The TV industry’s focus is now “firmly on high dynamic range” – even though consumers still remain largely uneducated about the benefits of HDR, according to Futuresource Consulting.
The research firm’s latest 4K ultra high definition (UHD) tracking report claims that unlike the upgrade to UHD resolution, which was a quantifiable improvement, HDR is a “subjective feature”.
It also said that with the industry embarking on a multi-stage introduction of Ultra HD and associated picture improvements, it is important to provide clear information to the consumer.
“The Consumer Electronics Show highlighted this [HDR] is the key industry focus as manufacturers are continuing to push the boundaries in terms of peak brightness, peak black levels and a wider color spectrum represented,” said Futuresource Consulting market analyst, Tristan Veale.

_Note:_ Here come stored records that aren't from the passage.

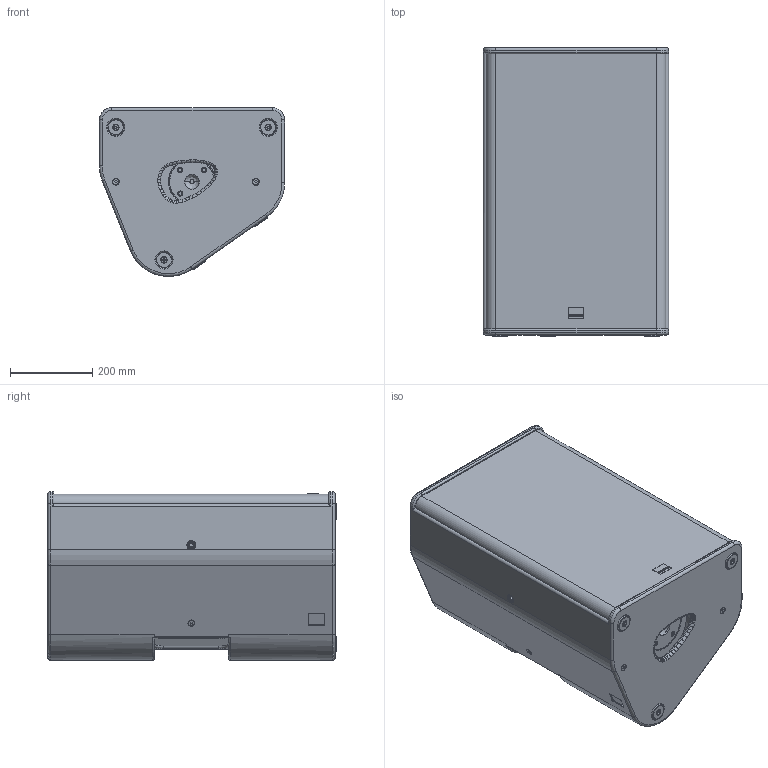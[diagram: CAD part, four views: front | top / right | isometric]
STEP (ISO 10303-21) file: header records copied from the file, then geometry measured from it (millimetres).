
FILE_DESCRIPTION (( 'STEP AP203' ), '1' );
FILE_NAME ('Seeburg_TSM15.STEP', '2012-10-17T11:43:10', ( 'Fabian' ), ( '' ), 'SwSTEP 2.0', 'SolidWorks 2009', '' );
FILE_SCHEMA (( 'CONFIG_CONTROL_DESIGN' ));
Length unit declared in the file: millimetre
Products named in the file (2): TSM15; Seeburg_TSM15
Assembly tree (1 placements, depth 2):
  Seeburg_TSM15
    TSM15
Bounding box: 450 x 701 x 409.91 mm (x, y, z)
Volume: 21737976.4 mm3; surface area: 2872807.7 mm2
Topology: 29 solids, 29 shells, 1090 faces, 2587 edges, 1588 vertices
Faces by surface type: cylinder 556, plane 388, torus 78, cone 64, bspline 4
Entity records: 39038 total; most frequent: CARTESIAN_POINT 13894, DIRECTION 5200, ORIENTED_EDGE 5162, EDGE_CURVE 2581, AXIS2_PLACEMENT_3D 1870, VERTEX_POINT 1586, VECTOR 1460, LINE 1460

“Consumers remain largely uneducated about the advantages of HDR and there is a risk of alienating them due to the recent trend of branding displays HDR compatible – ones which can receive an HDR content stream but cannot reproduce it.”
Futuresource said that the most commonly accessed source of 4K content is from SVOD services, with 17 million homes having access to streamed 4K Ultra HD content and a TV capable of playing it at the end of last year.
The research predicted that 8.4 million Ultra HD Blu-ray discs will be sold in 2017, equating to 4% of global Blu-ray sales, and said that Ultra HD electronic sell-through could gain traction if Apple or major broadcast and telco ecosystem players begin supporting and selling the format.